Big Data Transforms the focus of Computing Science From Data Collection to Data Use
Big Data can add new value to collected information in the form of business intelligence. It all depends on how we engage with it. Big Data can be an overwhelming jumble of random snippets of information. But, if we know how to approach it with the right questions – the right “Why?” – Big Data can transform how we use information.
Computer technology has completely revolutionized many aspects of doing business. Computing devices have become so necessary that companies are now dependent on them. We’ve learned to master data collection and retention, and statistical reporting. The next wave of technological innovation, Big Data, marks a shifting paradigm: from how we collect and retain data to how we use it.
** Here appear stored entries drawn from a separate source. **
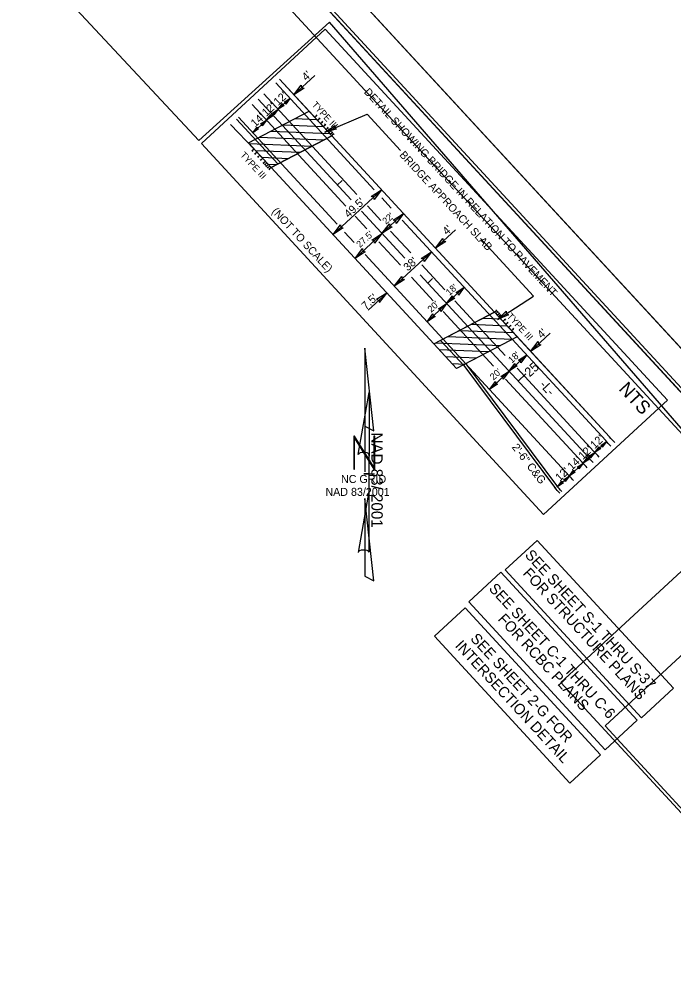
# Model space of a CAD drawing. Extents: x 1702837 to 1704783, y 793612 to 795591.
# Drawn here: x 1703998 to 1704489, y 794195 to 794914 of the extents above; entities that cross this region are included whole.
import ezdxf

# ---------------------------------------------------------------- set-up
doc = ezdxf.new("R2010")
doc.units = 0
for name, color, linetype in [('Default', 7, 'Continuous'), ('Old_Level_1', 7, 'Continuous'), ('Prop Approach Slab', 7, 'Continuous'), ('Prop Conc 2ft 6in Curb and Gutter', 7, 'Continuous'), ('Prop Dimension', 7, 'Continuous'), ('Prop Dimension Text', 7, 'Continuous'), ('Prop EOT', 7, 'Continuous'), ('Prop Guardrail', 7, 'Continuous'), ('Prop Guardrail Anchor Unit CELL', 7, 'Continuous'), ('Prop Horizontal Alignment', 7, 'Continuous'), ('Prop Horizontal Alignment Station Label', 7, 'Continuous'), ('Prop Horizontal Alignment Tick Label', 7, 'Continuous'), ('Prop Horizontal Alignment Tick Large', 7, 'Continuous'), ('Prop Horizontal Alignment Tick Small', 7, 'Continuous'), ('Prop Lane Lines', 7, 'Continuous'), ('Prop North Arrow NAD83 for Plan Sheets CELL', 7, 'Continuous'), ('Prop Paved Shoulder', 7, 'Continuous'), ('Prop Roadway Bridge', 7, 'Continuous'), ('Prop Structure Anchor Unit CELL', 7, 'Continuous'), ('Prop Terminator CELL', 7, 'Continuous'), ('Sheet Clip Boundary CELL', 7, 'Continuous'), ('Sheet Cutting Line CELL', 7, 'Continuous'), ('Sheet Plan CELL', 7, 'Continuous'), ('Sheet Plan Layout CELL', 7, 'Continuous'), ('Sheet Plot Border Inside CELL', 7, 'Continuous'), ('Sheet Plot Border Outside CELL', 7, 'Continuous')]:
    doc.layers.add(name, color=color, linetype=linetype)

# ---------------------------------------------------------------- blocks, each defined once
blk = doc.blocks.new('CTL NORTH ARROW NAD 83 2001')
at = {"layer": 'Default'}
blk.add_line((0, 0), (0, 0), dxfattribs=at)
for points in [[(-0.003, 1.746), (-0.003, 0.579), (0.135, 0.511)], [(-0.168, -0.065), (-0.154, -0.065), (-0.154, 0.401), (0.135, -0.065), (0.148, -0.065), (0.148, 0.428), (0.135, 0.428), (0.135, -0.038), (-0.154, 0.428), (-0.168, 0.428)], [(-0.003, -1.671), (0.135, -1.739), (-0.003, -0.505)]]:
    blk.add_lwpolyline(points, close=True, dxfattribs=at)
blk.add_lwpolyline([(-0.003, 0.579), (-0.003, -0.107)], dxfattribs=at)
for s, p in [('NC GRID', (-0.358, -0.273)), ('NAD 83/2001', (-0.592, -0.466))]:
    blk.add_text(s, height=0.12, dxfattribs=at).set_placement(p)

msp = doc.modelspace()

# ---------------------------------------------------------------- linework, layer by layer
at = {"layer": 'Old_Level_1'}
for p, q in [((1704227.81, 794906.42), (1704134.94, 794820.69)), ((1704484.52, 794628.31), (1704227.81, 794906.42)), ((1704227.47, 794829.28), (1704259.26, 794842.65)), ((1704259.26, 794842.65), (1704284.4, 794815.41)), ((1704384.03, 794706.21), (1704344.17, 794749.39)), ((1704356.92, 794688.74), (1704384.03, 794706.21))]:
    msp.add_line(p, q, dxfattribs=at)
msp.add_lwpolyline([(1704134.94, 794820.69), (1704391.65, 794542.59), (1704484.52, 794628.31)], dxfattribs=at)
for points in [[(1704386.88, 794523.13), (1704489.17, 794412.31), (1704465.13, 794390.13), (1704362.84, 794500.94)], [(1704359.6, 794499.2), (1704461.89, 794388.39), (1704437.85, 794366.2), (1704335.57, 794477.01)], [(1704332.76, 794472.51), (1704434.31, 794362.49), (1704411.24, 794341.2), (1704309.69, 794451.22)]]:
    msp.add_lwpolyline(points, close=True, dxfattribs=at)
at = {"layer": 'Prop Approach Slab'}
for p, q in [((1704170.31, 794821.07), (1704215.71, 794844.86)), ((1704205.15, 794839.32), (1704221.42, 794838.67)), ((1704215.71, 794844.86), (1704232.67, 794826.49)), ((1704196.28, 794834.68), (1704226.22, 794833.48)), ((1704178.53, 794825.38), (1704226.86, 794823.44)), ((1704187.26, 794802.7), (1704232.67, 794826.49)), ((1704187.4, 794830.03), (1704231.02, 794828.28)), ((1704187.26, 794802.7), (1704170.31, 794821.07)), ((1704170.66, 794820.69), (1704217.99, 794818.79)), ((1704175.46, 794815.49), (1704209.11, 794814.15)), ((1704180.25, 794810.3), (1704200.24, 794809.5)), ((1704185.05, 794805.1), (1704191.36, 794804.85)), ((1704354.78, 794694.2), (1704314.38, 794673.1)), ((1704354.75, 794694.23), (1704371.75, 794675.82)), ((1704346.4, 794689.81), (1704359.31, 794689.3)), ((1704328.6, 794680.52), (1704368.9, 794678.91)), ((1704337.5, 794685.17), (1704364.1, 794684.1)), ((1704319.7, 794675.87), (1704368.13, 794673.93)), ((1704371.75, 794675.82), (1704326.29, 794652.09)), ((1704309.33, 794670.47), (1704326.28, 794652.1)), ((1704310.79, 794671.22), (1704359.23, 794669.28)), ((1704313.34, 794666.12), (1704350.32, 794664.64)), ((1704318.14, 794660.92), (1704341.42, 794659.99)), ((1704322.93, 794655.72), (1704332.52, 794655.34))]:
    msp.add_line(p, q, dxfattribs=at)
for points in [[(1704215.71, 794844.86), (1704232.67, 794826.49), (1704187.26, 794802.7), (1704170.31, 794821.07)], [(1704354.75, 794694.23), (1704371.75, 794675.82), (1704326.29, 794652.09), (1704309.33, 794670.46)]]:
    msp.add_lwpolyline(points, close=True, dxfattribs=at)
at = {"layer": 'Prop Conc 2ft 6in Curb and Gutter'}
for p, q in [((1704161.28, 794838.95), (1704192.31, 794805.34)), ((1704314.38, 794673.1), (1704332.07, 794653.94)), ((1704331.8, 794654.26), (1704400.51, 794562.13))]:
    msp.add_line(p, q, dxfattribs=at)
msp.add_arc((1703690.14, 793907.47), 966, 42.36891, 42.70907, dxfattribs=at)
at = {"layer": 'Prop Dimension'}
for p, q in [((1704204.34, 794857.18), (1704220.09, 794871.73)), ((1704192.58, 794846.33), (1704201.4, 794854.47)), ((1704183.76, 794838.19), (1704192.58, 794846.33)), ((1704173.47, 794828.7), (1704183.76, 794838.19)), ((1704233.67, 794752.43), (1704270.04, 794786)), ((1704270.39, 794753.19), (1704286.56, 794768.11)), ((1704250.18, 794734.54), (1704270.39, 794753.19)), ((1704310.51, 794742.16), (1704325.44, 794755.95)), ((1704279.65, 794713.68), (1704307.57, 794739.45)), ((1704274.14, 794708.59), (1704260.16, 794695.69)), ((1704318.91, 794700.63), (1704332.14, 794712.84)), ((1704304.21, 794687.06), (1704318.91, 794700.63)), ((1704381.86, 794664.86), (1704396.54, 794678.4)), ((1704365.7, 794649.94), (1704378.93, 794662.15)), ((1704351, 794636.37), (1704365.7, 794649.94)), ((1704438.85, 794597.24), (1704430.04, 794589.1)), ((1704430.04, 794589.1), (1704421.22, 794580.96)), ((1704421.22, 794580.96), (1704410.92, 794571.46)), ((1704410.92, 794571.46), (1704402.11, 794563.33))]:
    msp.add_line(p, q, dxfattribs=at)
at = {"layer": 'Prop EOT'}
for p, q in [((1704190.68, 794866.08), (1704264.64, 794785.96)), ((1704162.75, 794840.31), (1704236.72, 794760.18)), ((1704270.21, 794779.92), (1704277.41, 794772.13)), ((1704285.63, 794763.22), (1704438.17, 794597.96)), ((1704242.29, 794754.15), (1704249.48, 794746.35)), ((1704257.71, 794737.44), (1704333.54, 794655.29)), ((1704333.4, 794655.45), (1704402.11, 794563.33))]:
    msp.add_line(p, q, dxfattribs=at)
for radius, start in [(1018, 42.38629), (968, 42.36962)]:
    msp.add_arc((1703690.14, 793907.47), radius, start, 42.70907, dxfattribs=at)
at = {"layer": 'Prop Guardrail'}
for p, q in [((1704215.71, 794844.86), (1704193.6, 794868.78)), ((1704156.87, 794834.88), (1704174.55, 794816.48)), ((1704187.26, 794802.7), (1704174.55, 794816.48)), ((1704368.24, 794679.62), (1704354.75, 794694.23)), ((1704441.11, 794600.67), (1704368.24, 794679.62))]:
    msp.add_line(p, q, dxfattribs=at)
msp.add_arc((1703690.01, 793907.39), 1022.16, 42.38713, 42.70735, dxfattribs=at)
at = {"layer": 'Prop Horizontal Alignment'}
for p, q in [((1704177.45, 794853.88), (1704247.18, 794778.34)), ((1704255.02, 794769.84), (1704287.46, 794734.7)), ((1704299.04, 794722.15), (1704424.95, 794585.75))]:
    msp.add_line(p, q, dxfattribs=at)
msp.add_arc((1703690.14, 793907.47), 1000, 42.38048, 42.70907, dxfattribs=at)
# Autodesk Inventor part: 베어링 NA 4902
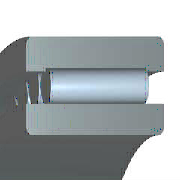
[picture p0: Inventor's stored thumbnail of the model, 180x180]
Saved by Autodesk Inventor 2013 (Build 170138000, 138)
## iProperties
IsCustomPart: 1
Created: 2012-02
Part Number: 베어링 NA 4902
Material: 강철, 연강
Description: 니들 롤러 베어링 - 경계 치수 및 공차
Document SubType Name: Modeling
Standard: KS B 2029
Designer: mduedu
Standards Organization: KS
Language: ko-KR
Size Designation: NA 4902 - 15 x 28 x 13
Categories: <MemberInstance><Categories><Category DisplayName="샤프트 부품" InternalName="7f7aeb1f-a693-4053-b835-cee3144e0d98" Mnemonic="SHFT"><Category DisplayName="베어링" Inter
Density: 7.86 g/cm^3
Mass: 37.7482 g
Surface Area: 52.7153 cm^2
Volume: 4.80257 cm^3
Author: mduedu
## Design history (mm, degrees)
sketch "스케치"
  geometry: L1 (1.857, 11.5)-(11.143, 11.5); L2 (11.143, 11.5)-(11.143, 10); L3 (13, 10)-(0, 10); L4 (1.857, 10)-(1.857, 11.5); L5 (1.857, 10.75)-(11.143, 10.75); L6 (6.5, 10.75)-(6.5, 10); L7 (0, 7.5)-(13, 7.5); L8 (0, 14)-(13, 14); L9 (13, 7.5)-(13, 10); L10 (13, 11.35)-(13, 14); L11 (1.857, 11.35)-(0, 11.35); L12 (11.143, 11.35)-(13, 11.35); L13 (-6, 0)-(36, 0) reference; L14 (0, -1.9)-(0, 14.9) reference
  constraints: 24 end point, 8 point on line, 3 midpoint, 3 parallel, 3 perpendicular, 2 symmetric about line, 1 horizontal, 1 other
  dimensions: "d6" = 15 diameter of L7 L13 (= WD); "d7" = 20 diameter of L3 L13 (= KID1); "d8" = 28 diameter of L8 L13 (= BD); "d9" = 21.5 diameter of L6.start L13 (= 0.5 x WD + 0.5 x BD); "d10" = 22.7 diameter of L12 L13 (= 0.9 x BD + 0.9 x WD - 0.8 x KID1); "d11" = 23 diameter of L1 L13 (= BD + WD - KID1); "d12" = 1.85714 distance between parallel lines of L14 L4 (= 0.142857 x KB); "d13" = 13 distance between parallel lines of L14 L9 (= KB); "d14" = 11.14286 distance between parallel lines of L14 L2 (= 0.857143 x KB)
revolve "본체" stored, may be unused: angle "d17" = 90 deg
revolve "롤러" stored, may be unused: angle "d18" = 90 deg
node "작업 평면1"
body "Solid1"
fillet "모깎기1" dims "d0" = 0.3 (= KRS)
pattern_circular "IDS_ARRAYROLLER[SIMPL:T]" dims angle "d2" = 360 deg
other parameters: "WD" = 15 [user parameter; used in 6 equation terms], "BD" = 28 [user parameter; used in 6 equation terms], "KB" = 13 [user parameter; used in 3 equation terms], "KID1" = 20 [user parameter; used in 4 equation terms], "KRS" = 0.3 [user parameter; used in 1 equation term], "d3" = 0, "d4" = 0, "d5" = 0, "d15" = 0, "d16" = 0, "BC0" = 1.37e+07 [user parameter], "WR" = 7.5 (= 0.5 x WD) [user parameter], "BBA" = 0 [user parameter], "BC" = 1.02e+07 [user parameter], "BR" = 14 (= 0.5 x BD) [user parameter]

Big Data signifies a radical change in what we can do with electronic information
Over its 50-year history, computing has focused on increasingly complex methods of information collection and retention. Structuring information has also been a priority. We’ve learned how to structure data in byte language, zeros and ones. We’ve created simple structures, called files, to capture serial data. With databases, we’ve improved the structural organization of information to allow for random, or indexed, insertion and retrieval. The primary goal was to ensure consistency – to know that, given a certain input, the computing system could always reproduce the expected output. Computing has been highly valuable for business, in terms of operational viability and efficiency. But value isn’t necessarily added to the content itself – essentially, what you collect is what you retain and export. Now, with the advent of Big Data, things are changing.
From a business perspective, Big Data is a knowledge network, with multiple data elements about consumers from multiple sources: massive in size, and constantly growing and changing. It includes vast amounts of information gleaned by web bugs and cookies tracking online browsing and purchasing habits, but it also incorporates records of consumers’ offline habits; tracking shoppers through malls by their smartphone MAC address, for example. It’s a whole new ballgame, requiring new organizing and analytics technologies, and new storage facilities, such as the cloud.
Now, once multiple data streams are aggregated, collected information can be used in a very different format, adding new value in the form of business intelligence. Big Data allows us to uncover hitherto-unseen patterns or trends that can improve profitability.
Big Data can help us make better use of the information we’ve collected and stored
Let’s give an example of how Big Data works. It’s flu season in Canada, and pharmacies don’t want to run out of Nyquil and Cold FX. Ten years ago, deciding how much extra product to order was based on static data analysis, but now, with Big Data analytics, it’s become remarkably behavioral. Not only can pharmacy chains utilize public health announcements as to projected numbers of flu cases, but they can also analyse tweets by geographical location to see, in real time, how many people are using words like “flu,” “cough”, and “cold.” By coupling these data streams with city stats giving demographic trends for different neighborhoods, drug stores can predict with a good deal of accuracy how many extra bottles of Nyquil to ship to individual stores. By asking the right questions of Big Data, pharmacies can learn, for example, that they should increase supply levels by 10% in the next two weeks for specific postal codes. This information could only have been gleaned from the aggregation of multiple data sources.
The diagram here shows that the focus of big data is to help us create better uses of data
Big Data’s potential advantages, in fields as diverse as marketing and public health, are significant. Such analysis, however, is dependent on the quality of the data elements it connects, and there can be serious privacy issues. These remain as yet largely unaddressed. Big Data doesn’t help us understand how to disclose information. All aspects of the privacy field, from regulation to software, must adapt to this new and challenging reality.
We’ve spent the last 50 years learning how to collect and retain electronic information. Now, with Big Data, we’re starting to use that information in radically new and innovative ways.